(Supplied data Opens)
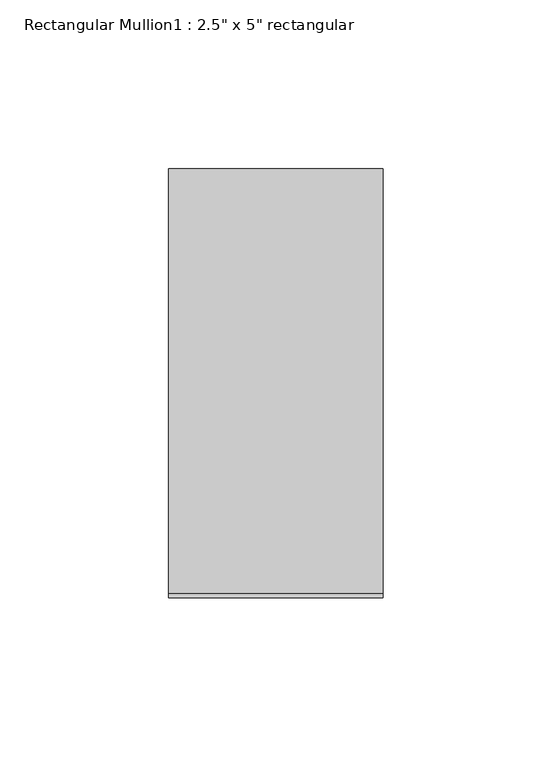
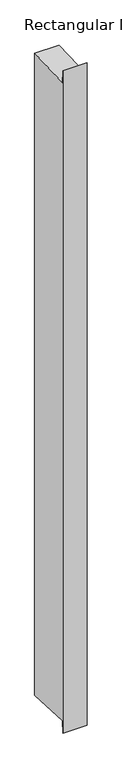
"""IFC4 building model written with IfcOpenShell, lengths in millimetres: member geometry."""

from ifc_helpers import new_model, si_unit, frame, origin, place, context, project, spatial, polyline, outline, extrude, source, transform, mapped, element, save


def member_7b0b344d(model_context):
    return source(origin(), model_context, "Body", "SweptSolid", [
        extrude(outline(polyline([(-63.5, 30.4748075), (-62.174126, -2.5237591), (63.5, 2.5257955), (63.5, -1767.8257955), (-62.174126, -1762.7762409), (-63.5, -1795.7748075), (-63.5, 30.4748075)])), frame((-63.5, 0.0, 0.0), z_axis=(1.0, 0.0, 0.0), x_axis=(0.0, 1.0, 0.0)), (0.0, 0.0, 1.0), 63.5),
    ])


if __name__ == "__main__":
    model = new_model("IFC4")
    model_context = context("Model", 3, world=origin())
    ifc_project = project(units=[si_unit("LENGTHUNIT", "METRE", prefix="MILLI")], contexts=[model_context])
    site = spatial("IfcSite", under=ifc_project)
    building = spatial("IfcBuilding", under=site)
    placement = place(None, origin())
    member_shape = member_7b0b344d(model_context)
    element("IfcMember", 1, ObjectType="Rectangular Mullion1 : 2.5\" x 5\" rectangular", at=placement, inside=building, context=model_context, shape_type="MappedRepresentation", body=[
        mapped(member_shape, transform((0.0, 0.0, 0.0), x_axis=(1.0, 0.0, 0.0), y_axis=(0.0, 1.0, 0.0), z_axis=(0.0, 0.0, 1.0))),
    ])
    save(model, "model.ifc")
(Supplied data Closes)
= Work to be completed =
From the line containing "placement = place(None, origin())" down to the final line of the data, write out every line exactly; both the first and last of these belong in your answer, and nothing else does.

= Solved exercise =
    placement = place(None, origin())
    member_shape = member_7b0b344d(model_context)
    element("IfcMember", 1, ObjectType="Rectangular Mullion1 : 2.5\" x 5\" rectangular", at=placement, inside=building, context=model_context, shape_type="MappedRepresentation", body=[
        mapped(member_shape, transform((0.0, 0.0, 0.0), x_axis=(1.0, 0.0, 0.0), y_axis=(0.0, 1.0, 0.0), z_axis=(0.0, 0.0, 1.0))),
    ])
    save(model, "model.ifc")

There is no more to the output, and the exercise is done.